Stunting ini merupakan masalah nasional sehingga sangat pas jika menjadi tahapan penting pembangunan kabinet Jokowi-Ma'ruf lima tahun kedepan. Bagaimanapun juga, pemerintahan Jokowi-JK mewarisi masalah stunting ini dari pemerintah sebelumnya, yang keadaannya sungguh mengkhawatirkan. Prevalensi stunting anak Indonesia itu sebesar 27.5% alias 1 dari 3 balita Indonesia mengalami stunting.Â
Anak Indonesia adalah masa depan bangsa, di mana mereka lah generasi yang akan membangun, memelihara dan memperjuangkan Indonesia puluhan tahun kedepan saat generasi sekarang menjadi tua lagi lemah. Sehingga pencegahan stunting memang membutuhkan kerjasama semua pihak.

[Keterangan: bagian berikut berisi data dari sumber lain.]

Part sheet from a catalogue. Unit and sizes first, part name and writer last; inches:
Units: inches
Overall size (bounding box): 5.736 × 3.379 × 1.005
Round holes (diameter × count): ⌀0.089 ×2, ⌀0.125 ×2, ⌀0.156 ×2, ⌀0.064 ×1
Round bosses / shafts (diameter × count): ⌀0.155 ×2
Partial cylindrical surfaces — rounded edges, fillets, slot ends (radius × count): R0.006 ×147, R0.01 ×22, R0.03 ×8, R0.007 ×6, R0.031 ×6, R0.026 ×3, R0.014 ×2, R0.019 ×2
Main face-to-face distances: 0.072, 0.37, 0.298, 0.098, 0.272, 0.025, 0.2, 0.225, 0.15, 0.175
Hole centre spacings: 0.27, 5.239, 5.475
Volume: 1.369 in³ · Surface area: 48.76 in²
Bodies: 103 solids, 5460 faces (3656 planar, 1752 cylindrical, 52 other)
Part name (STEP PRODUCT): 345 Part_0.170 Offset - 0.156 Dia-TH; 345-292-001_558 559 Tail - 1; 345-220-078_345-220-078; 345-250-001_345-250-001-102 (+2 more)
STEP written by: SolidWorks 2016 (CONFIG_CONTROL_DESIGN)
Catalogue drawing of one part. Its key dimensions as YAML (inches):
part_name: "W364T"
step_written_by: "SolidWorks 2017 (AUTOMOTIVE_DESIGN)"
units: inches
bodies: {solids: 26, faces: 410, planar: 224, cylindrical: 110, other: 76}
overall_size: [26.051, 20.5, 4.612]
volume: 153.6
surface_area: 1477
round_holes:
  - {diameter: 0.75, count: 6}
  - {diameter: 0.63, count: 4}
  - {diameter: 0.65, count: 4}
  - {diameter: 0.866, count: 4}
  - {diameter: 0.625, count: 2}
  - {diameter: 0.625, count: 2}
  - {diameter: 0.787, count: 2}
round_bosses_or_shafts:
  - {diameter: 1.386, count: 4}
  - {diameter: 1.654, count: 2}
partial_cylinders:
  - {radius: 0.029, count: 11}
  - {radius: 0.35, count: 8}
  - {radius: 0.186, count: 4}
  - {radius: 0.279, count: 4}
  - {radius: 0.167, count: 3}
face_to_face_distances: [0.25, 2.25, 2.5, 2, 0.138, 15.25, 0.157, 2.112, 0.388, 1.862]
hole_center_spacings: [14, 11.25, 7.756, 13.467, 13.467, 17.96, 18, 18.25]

Pemahaman calon ibu pada kebutuhannya dalam mengasuh anaknya akan menentukan peran keluarga besar dan anggota masyarakat di lingkungan sekitar. Jika calon ibu membisu dan diam saja, maka bagaimana mungkin orang lain paham bahwa misalnya ia mengalami masalah kekurangan gizi, tiadanya akses pada air bersih dan sanitasi, dan masalah lainnya. Semua hal terkait kehamilam harus dibicarakan agar calon ibu mendapatkan bantuan dengan segera.
"Memang sih kehamilan seorang perempuan terkesan merupakan masalah privasi sebuah keluarga. Sayangnya, masalah privasi tersebut akan berubah menjadi bumerang bahkan masalah nasional jika si anak mengalami stunting. Karena stunting tidak bisa diperbaiki setelah anak berusia 2 tahun dan dalam jangka panjang berdampak besar pada kehidupan berbangsa dan bernegara."

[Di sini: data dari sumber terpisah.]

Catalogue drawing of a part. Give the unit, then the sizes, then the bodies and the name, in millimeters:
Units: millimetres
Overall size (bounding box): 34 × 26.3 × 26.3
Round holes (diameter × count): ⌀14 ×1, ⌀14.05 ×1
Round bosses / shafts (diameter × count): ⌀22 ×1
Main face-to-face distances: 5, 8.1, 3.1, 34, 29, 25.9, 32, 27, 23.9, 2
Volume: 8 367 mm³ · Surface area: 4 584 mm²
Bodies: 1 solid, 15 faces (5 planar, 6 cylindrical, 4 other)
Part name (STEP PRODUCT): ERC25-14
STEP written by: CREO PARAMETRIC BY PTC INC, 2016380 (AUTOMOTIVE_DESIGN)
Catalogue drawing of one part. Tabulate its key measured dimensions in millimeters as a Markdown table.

Oleh karena itu, sebelum memutuskan hamil, calon ibu harus memahami dulu hal-hal berikut ini yang berkaitan dengan gizi dan kesehatan lingkungan.

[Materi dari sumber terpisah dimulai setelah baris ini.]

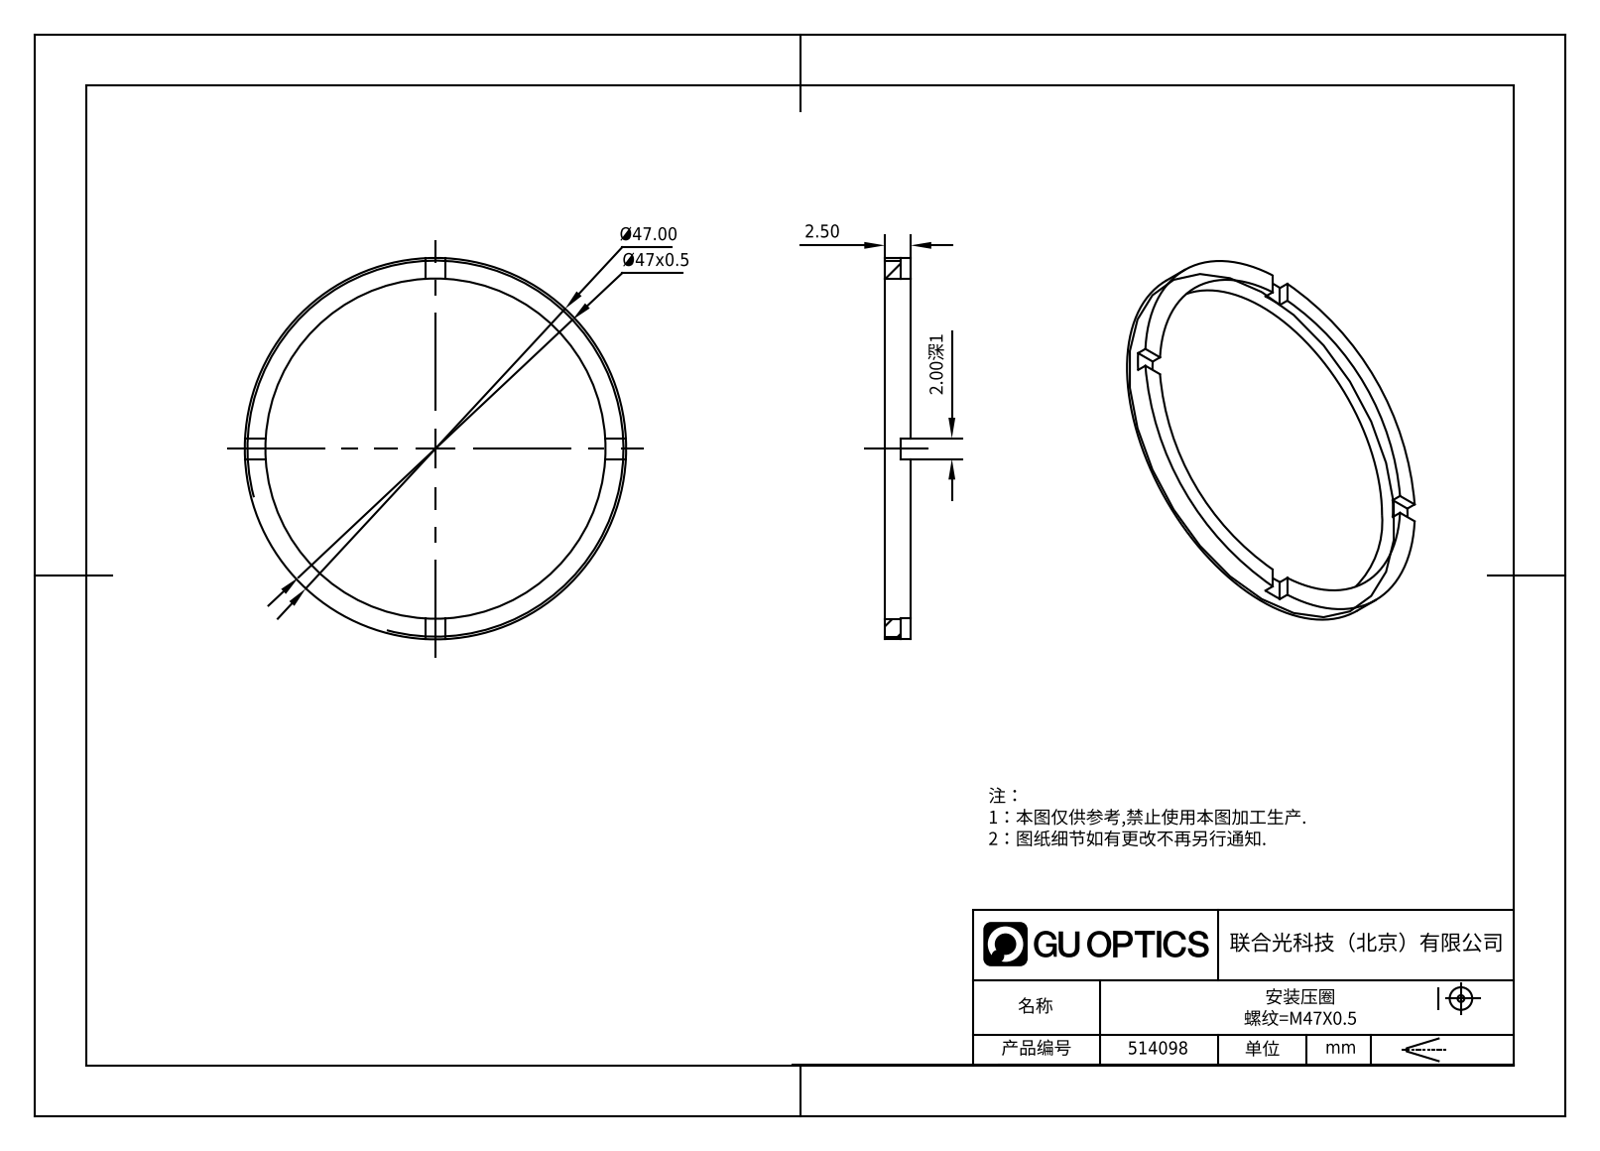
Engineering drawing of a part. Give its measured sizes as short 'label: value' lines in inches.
name: 514098
written by: SolidWorks 2020 (CONFIG_CONTROL_DESIGN)
unit: in
bodies: 1 solid, 21 faces (17 planar, 4 cylindrical, 0 other)
size: 1.85 × 1.85 × 0.098
volume: 0.042 in³; area: 1.972 in²
holes: 1× ⌀1.693
bosses: 1× ⌀1.85
face distances: 0.098, 0.059, 0.039, 0.079

GIZI BAGI CALON IBU DAN BAYI
Seorang perempuan yang akan menjadi ibu dan menjalani program kehamilan, harus terlebih dahulu memahami ilmu gizi, karena hal ini berkaitan dengan nutrisi dalam tubuh calon ibu yang juga akan menjadi makanan janin. Menurut Badan Kependudukan dan Keluarga Nasional (BKKBN) terdapat 4 program selama 1.000 Hari Pertama Kehidupan (1000 HPK) yang harus diperhatikan calon ibu, mulai dari persiapan sebelum hamil; masa kehamilan; persalinan, nifas dan menyusui; dan bayi-balita.
Pemeriksaan ini dilakukan untuk memastikan bahwa rencana kehamilan misalnya tidak membahayakan kesehatan calon ibu berdasarkan usia, riwayat kesehatan seperti golongan darah, kadar hemoglobin, urin dan lain-lain. Termasuk juga gaya hidup calon ibu apakah pernah menjadi peminum alkohol dan pengguna obat-obatan terlarang atau tidak.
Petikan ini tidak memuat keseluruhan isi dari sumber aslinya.